Downloaders: Customizing the download

Downloaders: Customizing the download#

By default, pooch.Pooch.fetch and pooch.retrieve will detect the download protocol from the given URL (HTTP, FTP, SFTP, DOI) and use the appropriate download method. Sometimes this is not enough: some servers require logins, redirections, or other non-standard operations. To get around this, use the downloader argument of fetch and retrieve.

Downloaders are Python callable objects (like functions or classes with a __call__ method) and must have the following format:

def mydownloader(url, output_file, pooch):
    '''
    Download a file from the given URL to the given local file.

    The function **must** take the following arguments (in order).

    Parameters
    ----------
    url : str
        The URL to the file you want to download.
    output_file : str or file-like object
        Path (and file name) to which the file will be downloaded.
    pooch : pooch.Pooch
        The instance of the Pooch class that is calling this function.

    No return value is required.
    '''
    ...

Pooch provides downloaders for HTTP, FTP, and SFTP that support authentication and optionally printing progress bars. See List of functions and classes (API) for a list of available downloaders.

Common uses of downloaders include:

Creating your own downloaders#

If your use case is not covered by our downloaders, you can implement your own. pooch.Pooch.fetch and pooch.retrieve will accept any callable obejct that has the signature specified above. As an example, consider the case in which the login credentials need to be provided to a site that is redirected from the original download URL:

import requests


def redirect_downloader(url, output_file, pooch):
    """
    Download after following a redirection.
    """
    # Get the credentials from the user's environment
    username = os.environ.get("SOMESITE_USERNAME")
    password = os.environ.get("SOMESITE_PASSWORD")
    # Make a request that will redirect to the login page
    login = requests.get(url)
    # Provide the credentials and download from the new URL
    download = HTTPDownloader(auth=(username, password))
    download(login.url, output_file, mypooch)

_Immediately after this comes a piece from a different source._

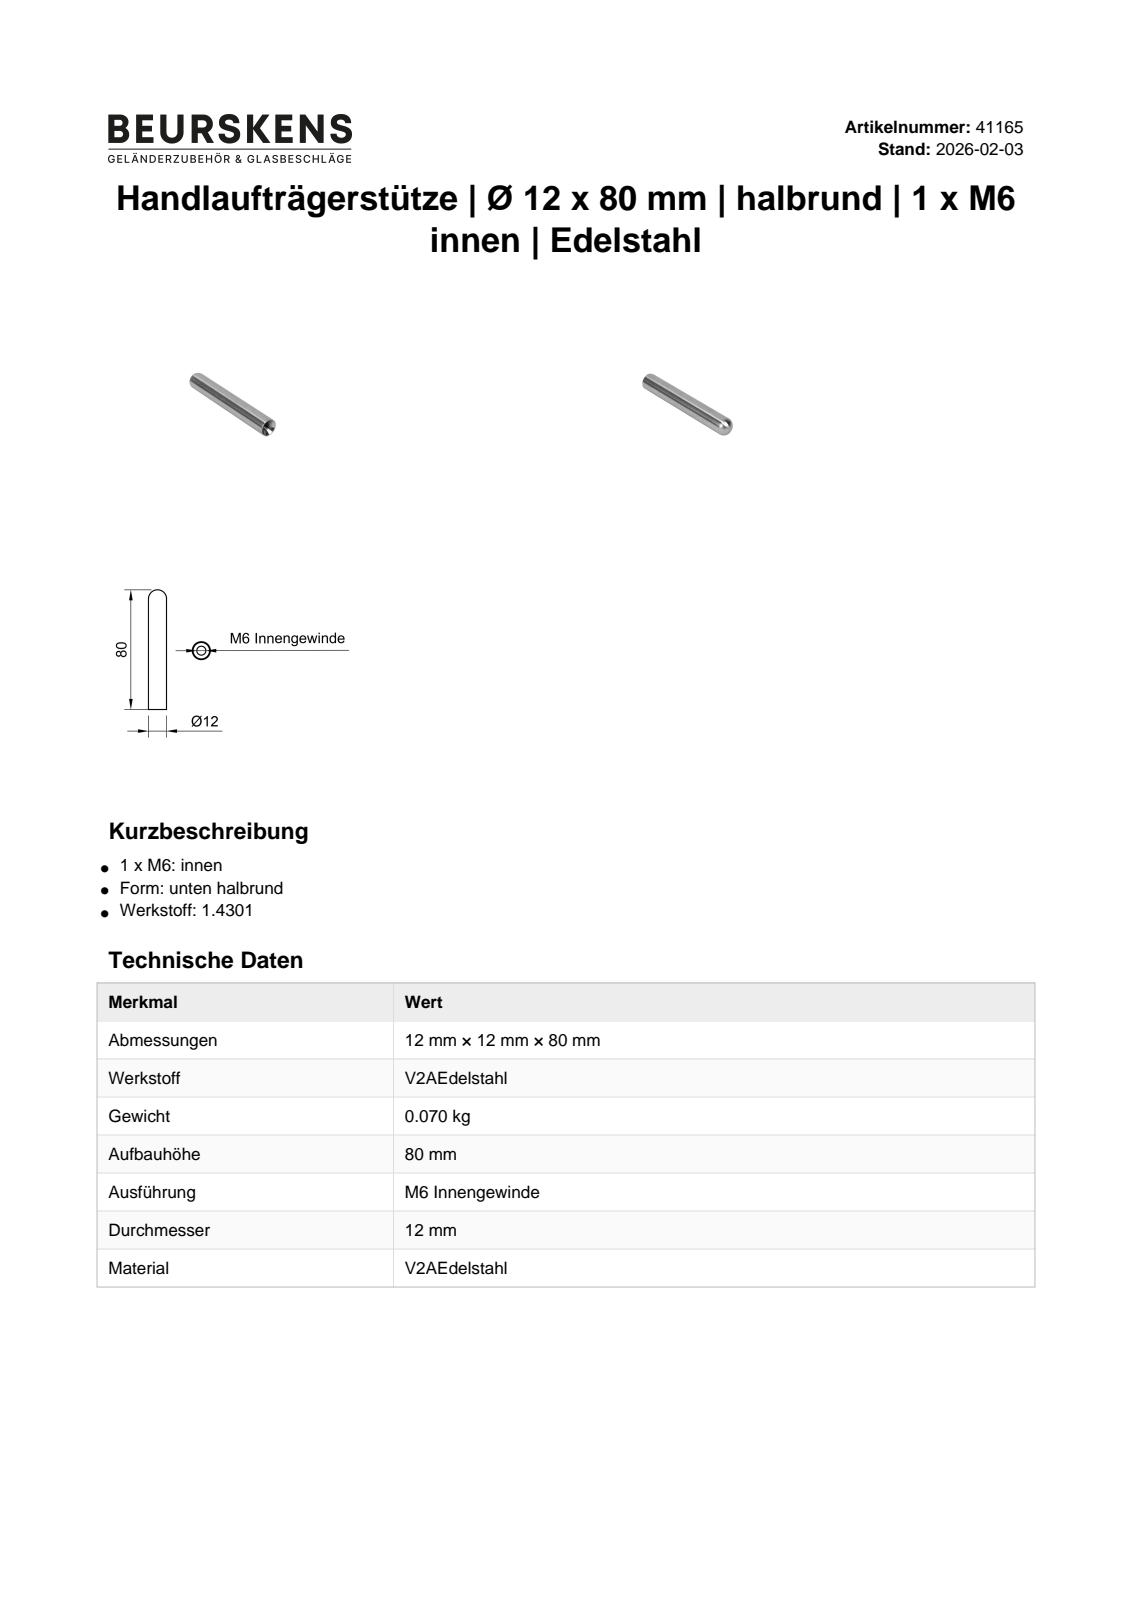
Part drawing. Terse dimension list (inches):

def fetch_protected_data():
    """
    Fetch a file from a server that requires authentication
    """
    fname = GOODBOY.fetch("some-data.csv", downloader=redirect_downloader)
    data = pandas.read_csv(fname)
    return data

Availability checks#

Optionally, downloaders can take a check_only keyword argument (default to False) that makes them only check if a given file is available for download without downloading the file. This makes a downloader compatible with pooch.Pooch.is_available.

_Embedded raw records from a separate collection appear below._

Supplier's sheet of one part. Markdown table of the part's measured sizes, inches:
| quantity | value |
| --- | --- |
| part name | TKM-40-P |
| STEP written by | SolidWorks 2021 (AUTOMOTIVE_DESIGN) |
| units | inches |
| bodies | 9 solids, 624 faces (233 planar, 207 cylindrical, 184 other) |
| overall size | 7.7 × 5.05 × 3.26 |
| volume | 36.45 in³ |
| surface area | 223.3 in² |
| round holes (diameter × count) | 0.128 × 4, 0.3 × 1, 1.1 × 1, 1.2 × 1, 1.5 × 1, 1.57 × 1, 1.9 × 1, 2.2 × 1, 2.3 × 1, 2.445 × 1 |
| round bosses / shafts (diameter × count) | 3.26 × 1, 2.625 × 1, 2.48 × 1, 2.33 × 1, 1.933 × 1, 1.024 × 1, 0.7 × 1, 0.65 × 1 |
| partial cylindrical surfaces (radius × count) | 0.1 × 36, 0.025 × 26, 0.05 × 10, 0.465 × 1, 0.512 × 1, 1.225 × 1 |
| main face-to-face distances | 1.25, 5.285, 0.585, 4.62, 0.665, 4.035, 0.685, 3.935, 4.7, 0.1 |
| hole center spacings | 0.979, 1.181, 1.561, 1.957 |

In this case, the downloader should return a boolean:

def mydownloader(url, output_file, pooch, check_only=False):
    '''
    Download a file from the given URL to the given local file.

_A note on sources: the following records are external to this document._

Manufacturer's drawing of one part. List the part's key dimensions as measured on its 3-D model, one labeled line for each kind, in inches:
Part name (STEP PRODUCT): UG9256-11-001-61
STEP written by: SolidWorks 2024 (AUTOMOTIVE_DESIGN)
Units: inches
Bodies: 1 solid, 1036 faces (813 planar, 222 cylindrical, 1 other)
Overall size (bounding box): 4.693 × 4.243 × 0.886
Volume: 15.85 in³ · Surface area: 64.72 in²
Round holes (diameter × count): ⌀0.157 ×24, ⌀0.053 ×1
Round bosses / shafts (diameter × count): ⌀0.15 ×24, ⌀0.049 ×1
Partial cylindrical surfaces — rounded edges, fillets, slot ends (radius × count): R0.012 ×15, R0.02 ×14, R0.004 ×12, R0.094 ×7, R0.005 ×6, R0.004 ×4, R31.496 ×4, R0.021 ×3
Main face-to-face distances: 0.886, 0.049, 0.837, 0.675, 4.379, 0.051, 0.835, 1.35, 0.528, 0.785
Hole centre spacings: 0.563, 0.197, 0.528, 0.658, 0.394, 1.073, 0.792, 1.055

    The function **must** take the following arguments (in order).

    Parameters
    ----------
    url : str
        The URL to the file you want to download.
    output_file : str or file-like object
        Path (and file name) to which the file will be downloaded.
    pooch : pooch.Pooch
        The instance of the Pooch class that is calling this function.
    check_only : bool
        If True, will only check if a file exists on the server and
        **without downloading the file**. Will return ``True`` if the file
        exists and ``False`` otherwise.

    Returns
    -------
    None or availability
        If ``check_only==True``, returns a boolean indicating if the file
        is available on the server. Otherwise, returns ``None``.
    '''
    ...

If a downloader does not implement an availability check (i.e., doesn’t take check_only as a keyword argument), then pooch.Pooch.is_available will raise a NotImplementedError.